| AVS 55th International Symposium & Exhibition | |
| MEMS and NEMS | Tuesday Sessions |
| Session MN-TuM |
| Session: | Materials Processing and Characterization for MEMS/NEMS |
| Presenter: | C. Guthy, University of Alberta and National Institute for Nanotechnology, Canada |
| Authors: | C. Guthy, University of Alberta and National Institute for Nanotechnology, Canada L.M. Fischer, University of Alberta and National Institute for Nanotechnology, Canada V.A. Wright, University of Alberta and National Institute for Nanotechnology, Canada A. Singh, University of Alberta and National Institute for Nanotechnology, Canada J.M. Buriak, University of Alberta and National Institute for Nanotechnology, Canada S. Evoy, University of Alberta and National Institute for Nanotechnology, Canada |
| Correspondent: | Click to Email |
Rapid, sensitive and inexpensive analysis of biological molecules is vital to disease detection, monitoring, drug discovery.

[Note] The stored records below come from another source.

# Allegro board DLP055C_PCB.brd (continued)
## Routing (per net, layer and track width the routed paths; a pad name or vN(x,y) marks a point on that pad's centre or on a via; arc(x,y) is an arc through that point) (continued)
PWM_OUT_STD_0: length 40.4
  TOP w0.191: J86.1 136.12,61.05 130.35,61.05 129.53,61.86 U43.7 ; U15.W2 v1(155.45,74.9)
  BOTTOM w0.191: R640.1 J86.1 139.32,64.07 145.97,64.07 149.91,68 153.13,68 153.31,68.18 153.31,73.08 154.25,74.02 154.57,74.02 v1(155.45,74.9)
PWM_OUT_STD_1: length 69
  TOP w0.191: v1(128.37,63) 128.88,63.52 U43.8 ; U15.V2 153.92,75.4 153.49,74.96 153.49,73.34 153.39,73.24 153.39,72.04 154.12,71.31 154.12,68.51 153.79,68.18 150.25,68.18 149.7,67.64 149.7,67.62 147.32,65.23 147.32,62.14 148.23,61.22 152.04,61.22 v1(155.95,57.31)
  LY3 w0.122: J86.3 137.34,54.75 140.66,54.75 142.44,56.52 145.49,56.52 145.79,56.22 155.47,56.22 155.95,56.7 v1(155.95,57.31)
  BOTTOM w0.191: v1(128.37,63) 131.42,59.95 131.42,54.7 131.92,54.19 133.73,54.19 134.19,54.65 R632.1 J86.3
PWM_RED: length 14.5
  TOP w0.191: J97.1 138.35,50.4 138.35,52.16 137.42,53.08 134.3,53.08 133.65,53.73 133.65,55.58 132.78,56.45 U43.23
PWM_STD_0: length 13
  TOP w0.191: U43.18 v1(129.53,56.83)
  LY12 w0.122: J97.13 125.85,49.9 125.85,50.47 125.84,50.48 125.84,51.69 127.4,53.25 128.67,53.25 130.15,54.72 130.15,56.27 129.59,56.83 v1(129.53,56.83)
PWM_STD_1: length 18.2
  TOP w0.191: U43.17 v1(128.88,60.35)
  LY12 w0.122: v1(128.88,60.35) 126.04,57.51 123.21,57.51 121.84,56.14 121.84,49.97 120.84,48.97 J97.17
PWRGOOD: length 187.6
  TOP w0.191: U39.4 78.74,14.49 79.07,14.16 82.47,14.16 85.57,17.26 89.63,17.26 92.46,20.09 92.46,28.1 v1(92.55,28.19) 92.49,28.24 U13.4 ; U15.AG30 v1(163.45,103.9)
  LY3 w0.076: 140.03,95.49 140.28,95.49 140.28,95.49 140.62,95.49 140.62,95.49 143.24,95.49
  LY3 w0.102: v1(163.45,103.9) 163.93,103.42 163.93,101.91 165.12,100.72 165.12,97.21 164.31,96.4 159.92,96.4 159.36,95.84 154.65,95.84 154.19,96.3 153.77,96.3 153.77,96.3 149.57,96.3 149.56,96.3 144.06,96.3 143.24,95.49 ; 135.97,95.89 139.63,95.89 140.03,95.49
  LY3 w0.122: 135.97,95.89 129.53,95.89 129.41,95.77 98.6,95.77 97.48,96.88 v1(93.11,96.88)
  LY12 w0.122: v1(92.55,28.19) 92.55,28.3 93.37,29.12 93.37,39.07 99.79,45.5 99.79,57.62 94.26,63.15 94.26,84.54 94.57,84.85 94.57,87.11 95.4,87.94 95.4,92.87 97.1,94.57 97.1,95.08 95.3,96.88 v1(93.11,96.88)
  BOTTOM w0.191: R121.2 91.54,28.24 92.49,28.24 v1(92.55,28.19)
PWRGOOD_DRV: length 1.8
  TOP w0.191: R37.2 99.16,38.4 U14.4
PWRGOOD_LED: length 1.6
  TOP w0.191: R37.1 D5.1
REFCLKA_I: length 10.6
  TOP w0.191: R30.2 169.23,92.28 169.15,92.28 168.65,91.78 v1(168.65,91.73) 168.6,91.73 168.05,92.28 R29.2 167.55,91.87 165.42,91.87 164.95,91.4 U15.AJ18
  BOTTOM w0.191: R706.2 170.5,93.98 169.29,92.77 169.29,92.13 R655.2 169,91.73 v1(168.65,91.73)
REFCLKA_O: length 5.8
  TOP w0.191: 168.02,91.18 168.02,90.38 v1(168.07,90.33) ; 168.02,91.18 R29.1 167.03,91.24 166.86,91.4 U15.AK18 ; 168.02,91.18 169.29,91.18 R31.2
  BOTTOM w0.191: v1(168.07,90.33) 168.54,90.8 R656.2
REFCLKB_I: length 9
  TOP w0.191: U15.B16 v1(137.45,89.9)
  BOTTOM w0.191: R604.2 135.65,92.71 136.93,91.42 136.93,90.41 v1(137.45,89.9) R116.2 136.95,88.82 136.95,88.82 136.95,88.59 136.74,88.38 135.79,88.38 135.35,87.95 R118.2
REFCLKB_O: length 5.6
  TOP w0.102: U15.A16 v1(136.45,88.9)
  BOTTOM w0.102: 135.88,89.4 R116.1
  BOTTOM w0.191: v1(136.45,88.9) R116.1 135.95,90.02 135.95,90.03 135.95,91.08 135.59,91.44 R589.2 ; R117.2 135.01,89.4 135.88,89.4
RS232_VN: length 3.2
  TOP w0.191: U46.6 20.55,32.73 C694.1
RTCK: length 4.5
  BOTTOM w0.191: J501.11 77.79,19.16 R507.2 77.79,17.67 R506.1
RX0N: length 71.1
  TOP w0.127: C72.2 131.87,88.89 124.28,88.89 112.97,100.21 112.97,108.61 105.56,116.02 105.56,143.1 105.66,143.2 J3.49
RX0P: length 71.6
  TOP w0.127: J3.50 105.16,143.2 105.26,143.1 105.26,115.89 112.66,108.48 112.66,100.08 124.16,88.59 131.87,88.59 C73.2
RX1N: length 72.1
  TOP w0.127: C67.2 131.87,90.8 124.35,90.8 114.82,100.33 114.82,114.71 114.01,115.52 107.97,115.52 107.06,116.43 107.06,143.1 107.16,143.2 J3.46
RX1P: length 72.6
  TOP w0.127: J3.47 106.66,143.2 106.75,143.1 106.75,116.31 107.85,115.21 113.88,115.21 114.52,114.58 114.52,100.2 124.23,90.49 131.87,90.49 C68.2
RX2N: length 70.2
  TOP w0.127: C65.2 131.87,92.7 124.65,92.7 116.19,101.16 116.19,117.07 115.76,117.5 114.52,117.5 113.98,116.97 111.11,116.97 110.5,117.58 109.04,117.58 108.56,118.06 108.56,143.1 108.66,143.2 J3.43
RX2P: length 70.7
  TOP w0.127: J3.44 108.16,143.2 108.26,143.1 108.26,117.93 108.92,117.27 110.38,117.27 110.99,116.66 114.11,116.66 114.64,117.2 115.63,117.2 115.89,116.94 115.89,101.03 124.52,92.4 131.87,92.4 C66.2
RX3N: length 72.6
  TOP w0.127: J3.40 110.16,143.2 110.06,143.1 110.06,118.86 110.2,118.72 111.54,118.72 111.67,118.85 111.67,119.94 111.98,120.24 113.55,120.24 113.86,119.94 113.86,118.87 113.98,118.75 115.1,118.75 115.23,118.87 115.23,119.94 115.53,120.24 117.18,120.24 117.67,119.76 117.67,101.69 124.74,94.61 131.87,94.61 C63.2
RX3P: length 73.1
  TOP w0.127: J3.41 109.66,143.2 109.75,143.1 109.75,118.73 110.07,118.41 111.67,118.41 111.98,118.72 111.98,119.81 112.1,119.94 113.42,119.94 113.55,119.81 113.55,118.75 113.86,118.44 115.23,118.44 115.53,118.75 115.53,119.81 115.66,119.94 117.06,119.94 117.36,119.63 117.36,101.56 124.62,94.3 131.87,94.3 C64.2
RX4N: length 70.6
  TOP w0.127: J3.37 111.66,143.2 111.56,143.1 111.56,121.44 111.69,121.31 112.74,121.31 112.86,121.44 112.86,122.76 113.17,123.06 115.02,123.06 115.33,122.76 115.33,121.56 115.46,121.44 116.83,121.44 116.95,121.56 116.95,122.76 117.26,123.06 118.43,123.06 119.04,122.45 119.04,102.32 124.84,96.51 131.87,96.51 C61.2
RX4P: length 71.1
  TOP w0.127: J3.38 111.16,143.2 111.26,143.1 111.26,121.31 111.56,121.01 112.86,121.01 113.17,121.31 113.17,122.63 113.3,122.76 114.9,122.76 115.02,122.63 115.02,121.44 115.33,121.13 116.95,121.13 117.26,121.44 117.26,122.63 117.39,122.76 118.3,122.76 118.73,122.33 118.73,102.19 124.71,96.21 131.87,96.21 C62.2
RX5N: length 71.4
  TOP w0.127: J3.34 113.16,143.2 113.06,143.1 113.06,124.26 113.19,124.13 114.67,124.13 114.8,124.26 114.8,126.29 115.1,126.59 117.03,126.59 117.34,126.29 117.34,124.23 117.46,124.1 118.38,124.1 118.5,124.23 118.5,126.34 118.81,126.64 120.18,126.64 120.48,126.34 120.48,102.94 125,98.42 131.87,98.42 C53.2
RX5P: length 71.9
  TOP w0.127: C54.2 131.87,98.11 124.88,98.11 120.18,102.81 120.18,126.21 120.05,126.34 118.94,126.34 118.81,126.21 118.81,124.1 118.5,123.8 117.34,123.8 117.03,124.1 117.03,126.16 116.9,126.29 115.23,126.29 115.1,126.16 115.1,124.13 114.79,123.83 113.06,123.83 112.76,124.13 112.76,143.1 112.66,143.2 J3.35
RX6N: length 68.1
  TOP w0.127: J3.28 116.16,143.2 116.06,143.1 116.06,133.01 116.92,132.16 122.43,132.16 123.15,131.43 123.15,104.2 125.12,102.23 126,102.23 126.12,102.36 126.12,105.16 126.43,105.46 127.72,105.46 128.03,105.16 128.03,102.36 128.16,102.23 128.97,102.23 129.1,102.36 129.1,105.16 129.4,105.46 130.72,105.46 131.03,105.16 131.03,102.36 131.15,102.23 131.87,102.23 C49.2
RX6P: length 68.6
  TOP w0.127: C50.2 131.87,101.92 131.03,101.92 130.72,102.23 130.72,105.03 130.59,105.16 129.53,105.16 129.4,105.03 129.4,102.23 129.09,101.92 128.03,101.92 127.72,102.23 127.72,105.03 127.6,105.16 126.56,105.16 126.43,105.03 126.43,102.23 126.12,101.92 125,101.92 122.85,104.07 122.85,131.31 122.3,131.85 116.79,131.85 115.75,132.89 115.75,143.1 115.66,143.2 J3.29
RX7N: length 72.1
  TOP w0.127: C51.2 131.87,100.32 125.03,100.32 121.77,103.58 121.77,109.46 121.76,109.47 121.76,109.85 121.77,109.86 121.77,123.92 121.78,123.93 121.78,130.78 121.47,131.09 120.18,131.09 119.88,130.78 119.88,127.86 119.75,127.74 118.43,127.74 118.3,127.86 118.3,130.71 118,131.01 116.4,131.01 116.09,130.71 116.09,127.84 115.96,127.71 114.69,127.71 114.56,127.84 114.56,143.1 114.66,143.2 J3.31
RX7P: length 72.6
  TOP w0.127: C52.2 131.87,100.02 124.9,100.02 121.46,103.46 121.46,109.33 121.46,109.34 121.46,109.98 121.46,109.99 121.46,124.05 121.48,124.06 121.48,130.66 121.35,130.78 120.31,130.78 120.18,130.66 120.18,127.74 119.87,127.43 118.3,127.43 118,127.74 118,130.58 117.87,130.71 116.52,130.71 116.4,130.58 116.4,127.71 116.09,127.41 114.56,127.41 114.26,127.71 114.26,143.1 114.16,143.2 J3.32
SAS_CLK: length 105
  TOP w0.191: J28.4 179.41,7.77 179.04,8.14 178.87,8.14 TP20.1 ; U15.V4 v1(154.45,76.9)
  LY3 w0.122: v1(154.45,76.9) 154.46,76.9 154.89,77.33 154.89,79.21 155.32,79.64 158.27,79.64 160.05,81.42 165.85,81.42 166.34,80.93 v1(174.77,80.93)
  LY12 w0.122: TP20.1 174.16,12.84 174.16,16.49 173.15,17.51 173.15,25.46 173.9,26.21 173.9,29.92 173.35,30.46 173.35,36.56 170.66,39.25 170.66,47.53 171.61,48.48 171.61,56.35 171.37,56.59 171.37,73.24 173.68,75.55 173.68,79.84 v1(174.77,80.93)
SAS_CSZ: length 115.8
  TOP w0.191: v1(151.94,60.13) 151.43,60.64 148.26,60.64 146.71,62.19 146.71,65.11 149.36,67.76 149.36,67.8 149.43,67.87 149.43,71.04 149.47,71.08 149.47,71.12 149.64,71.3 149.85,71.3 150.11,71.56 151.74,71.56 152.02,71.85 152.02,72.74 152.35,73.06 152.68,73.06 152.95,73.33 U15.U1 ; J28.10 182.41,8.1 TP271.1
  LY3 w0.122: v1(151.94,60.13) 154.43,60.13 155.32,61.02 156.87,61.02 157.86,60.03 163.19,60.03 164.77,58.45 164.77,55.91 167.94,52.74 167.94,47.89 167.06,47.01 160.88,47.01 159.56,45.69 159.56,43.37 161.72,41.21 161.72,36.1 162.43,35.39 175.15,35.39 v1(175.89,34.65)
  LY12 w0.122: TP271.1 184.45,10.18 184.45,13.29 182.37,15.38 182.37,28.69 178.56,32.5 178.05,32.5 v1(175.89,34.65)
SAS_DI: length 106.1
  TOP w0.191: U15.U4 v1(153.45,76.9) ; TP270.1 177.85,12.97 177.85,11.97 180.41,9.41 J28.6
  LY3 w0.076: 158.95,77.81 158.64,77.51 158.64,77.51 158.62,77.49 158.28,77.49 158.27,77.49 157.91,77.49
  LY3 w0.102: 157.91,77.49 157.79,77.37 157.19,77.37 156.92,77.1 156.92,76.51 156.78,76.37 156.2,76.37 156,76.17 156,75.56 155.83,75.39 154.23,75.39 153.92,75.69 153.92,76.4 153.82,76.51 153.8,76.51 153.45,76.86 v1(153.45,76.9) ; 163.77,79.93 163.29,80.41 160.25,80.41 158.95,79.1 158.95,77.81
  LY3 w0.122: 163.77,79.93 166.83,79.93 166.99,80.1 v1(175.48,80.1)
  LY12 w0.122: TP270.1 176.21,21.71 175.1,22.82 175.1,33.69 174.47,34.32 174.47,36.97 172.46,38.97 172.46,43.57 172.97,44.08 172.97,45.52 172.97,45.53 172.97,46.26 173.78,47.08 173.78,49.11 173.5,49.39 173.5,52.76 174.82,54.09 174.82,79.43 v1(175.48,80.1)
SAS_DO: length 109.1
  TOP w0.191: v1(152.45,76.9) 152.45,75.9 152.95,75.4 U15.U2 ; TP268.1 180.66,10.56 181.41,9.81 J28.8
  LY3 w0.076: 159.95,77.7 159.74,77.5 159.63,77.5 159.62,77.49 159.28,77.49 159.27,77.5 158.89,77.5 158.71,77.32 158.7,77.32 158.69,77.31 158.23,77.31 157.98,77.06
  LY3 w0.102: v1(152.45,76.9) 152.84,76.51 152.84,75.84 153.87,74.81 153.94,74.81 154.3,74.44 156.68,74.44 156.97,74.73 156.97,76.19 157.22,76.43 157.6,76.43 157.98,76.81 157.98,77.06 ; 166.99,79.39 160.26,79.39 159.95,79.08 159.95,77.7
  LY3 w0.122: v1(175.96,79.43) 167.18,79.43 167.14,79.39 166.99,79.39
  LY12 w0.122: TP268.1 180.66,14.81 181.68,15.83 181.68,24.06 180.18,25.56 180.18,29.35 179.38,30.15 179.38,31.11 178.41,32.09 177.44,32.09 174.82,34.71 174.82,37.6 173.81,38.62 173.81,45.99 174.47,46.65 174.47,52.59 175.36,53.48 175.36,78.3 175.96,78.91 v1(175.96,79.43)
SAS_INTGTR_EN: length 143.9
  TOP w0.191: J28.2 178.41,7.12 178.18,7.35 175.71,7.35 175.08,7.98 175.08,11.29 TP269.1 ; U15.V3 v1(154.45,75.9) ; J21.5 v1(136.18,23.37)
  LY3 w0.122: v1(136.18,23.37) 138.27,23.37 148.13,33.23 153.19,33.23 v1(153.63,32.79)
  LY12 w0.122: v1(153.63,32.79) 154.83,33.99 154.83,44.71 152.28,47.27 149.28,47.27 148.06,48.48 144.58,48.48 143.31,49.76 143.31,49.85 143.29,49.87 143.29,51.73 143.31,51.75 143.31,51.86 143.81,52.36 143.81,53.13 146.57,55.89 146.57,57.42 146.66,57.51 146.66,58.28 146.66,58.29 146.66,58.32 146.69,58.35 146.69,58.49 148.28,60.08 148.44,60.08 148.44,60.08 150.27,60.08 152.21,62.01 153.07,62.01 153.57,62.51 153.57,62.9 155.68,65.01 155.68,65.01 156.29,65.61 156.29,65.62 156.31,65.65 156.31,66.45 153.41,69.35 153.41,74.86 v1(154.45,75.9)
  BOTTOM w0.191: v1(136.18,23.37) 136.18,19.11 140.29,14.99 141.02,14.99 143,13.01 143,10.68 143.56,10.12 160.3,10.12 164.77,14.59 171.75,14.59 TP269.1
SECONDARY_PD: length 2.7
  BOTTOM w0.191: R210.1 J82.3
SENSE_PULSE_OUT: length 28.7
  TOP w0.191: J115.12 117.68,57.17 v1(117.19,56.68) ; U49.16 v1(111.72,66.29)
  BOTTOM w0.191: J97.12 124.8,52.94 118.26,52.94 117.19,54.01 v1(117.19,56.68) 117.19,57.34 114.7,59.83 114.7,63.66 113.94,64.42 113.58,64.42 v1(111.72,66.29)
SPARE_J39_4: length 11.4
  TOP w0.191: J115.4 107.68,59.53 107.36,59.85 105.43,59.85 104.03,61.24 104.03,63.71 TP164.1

For instance, the detection and identification of biomarker proteins of diseases such as metabolic disorders, multiple sclerosis and cancer have gained considerable attention over the recent years. Detection of such proteins with high specificity at very low concentrations would greatly facilitate diagnostic and help predict disease progression. Current analytical technologies such as DNA microarray, mass spectrometry and nuclear magnetic resonance spectroscopy are expensive and technically challenging for clinical applications. Mechanical resonators have been demonstrated as highly sensitive transducers for the detection of molecular systems. The sensitivity of resonators scales favorably as their dimensions are reduced, offering a compelling path for the development of sensors with exceptional mass sensitivities. To enable the specificity of detection, various analyte-specific functional layers need to be immobilized onto the surface of resonators. Such resonators could be then used as sensing arrays for the analysis of complex protein mixtures. As a proof of concept, we recently demonstrated the specific detection of streptavidin using doubly-clamped nanomechanical resonators (bridges) functionalized with biotin. Bridges with widths down to 300 nm were realized from silicon carbonitride (SiCN) thin films using a novel fabrication method. Based on the shift of resonant frequency, a mass of 3.6 fg/µm2 was attributed to the added streptavidin, corresponding to one molecule per 27 nm2. We have since further scaled down the dimensions of our devices and have demonstrated the surface machining of resonators of world record lateral dimensions of 40 nm with a yield approaching 100%. These 15 µm long resonators show resonance frequencies of ~ 11 MHz with quality factors of ~ 5000 in the mTorr pressure range. We will present a thorough investigation of the resonant behavior of these novel sub-100nm NEMS devices of various dimensions. We are also developing the attachment of antibodies onto these resonators. The specific detection of human interferon gamma (IFN-γ) protein was chosen as target system. Our ultimate goal is to use similar immobilization procedures for the detection of disease biomarkers, including but not limited to multiple sclerosis biomarkers.